Task objective ->
The entries below are to be given back exactly, with images excluded.

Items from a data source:
== Segment start ==

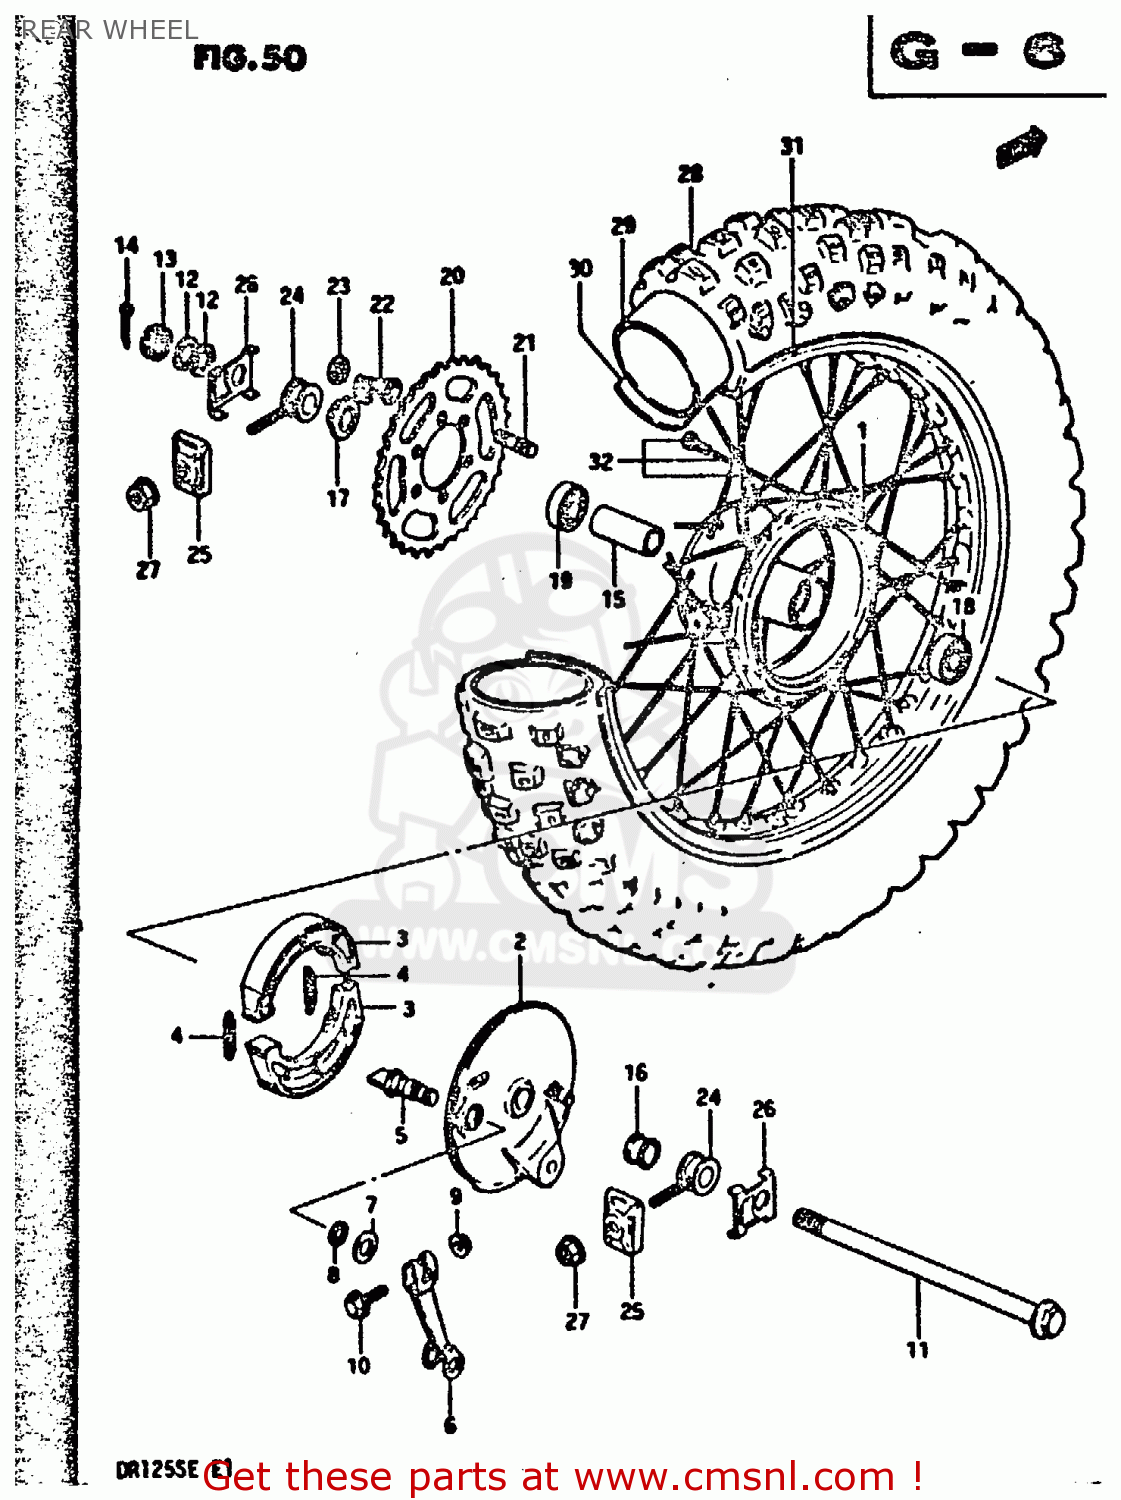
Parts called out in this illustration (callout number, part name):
1	HUB,REAR WHEEL
2	PANEL,RR BRAKE ANCHOR
3	SHOE,BRAKE
4	SPRING(L:34)
5	CAM,FRONT BRAKE
6	LEVER,RR BRAKE CAM
7	WASHER (14.5X22X1.6)
8	O-RING (D:2.4 ID:13.8)
9	NUT
10	BOLT
11	AXLE,REAR
12	WASHER
13	NUT
14	COTTER PIN
15	SPACER(15.3X21.7X107.5)
16	SPACER,RR AXLE,R
17	SPACER,REAR AXLE,LEFT
18	BEARING
19	BEARING
20	SPROCKET,RR(NT:47)
21	BOLT
22	WASHER
23	NUT
24	ADJUSTER,CHAIN
25	PLATE,CHAIN ADJUSTER
26	WASHER,CHAIN ADJUSTER GUIDE
27	NUT
28	TIRE
29	TUBE ASSEMBLY,WHEEL,INNER
30	PROTECTOR,INNER TUBE
31	RIM,REAR WHEEL
32	SPOKE SET

== Segment end ==

Answer section ->
Parts called out in this illustration (callout number, part name):
1	HUB,REAR WHEEL
2	PANEL,RR BRAKE ANCHOR
3	SHOE,BRAKE
4	SPRING(L:34)
5	CAM,FRONT BRAKE
6	LEVER,RR BRAKE CAM
7	WASHER (14.5X22X1.6)
8	O-RING (D:2.4 ID:13.8)
9	NUT
10	BOLT
11	AXLE,REAR
12	WASHER
13	NUT
14	COTTER PIN
15	SPACER(15.3X21.7X107.5)
16	SPACER,RR AXLE,R
17	SPACER,REAR AXLE,LEFT
18	BEARING
19	BEARING
20	SPROCKET,RR(NT:47)
21	BOLT
22	WASHER
23	NUT
24	ADJUSTER,CHAIN
25	PLATE,CHAIN ADJUSTER
26	WASHER,CHAIN ADJUSTER GUIDE
27	NUT
28	TIRE
29	TUBE ASSEMBLY,WHEEL,INNER
30	PROTECTOR,INNER TUBE
31	RIM,REAR WHEEL
32	SPOKE SET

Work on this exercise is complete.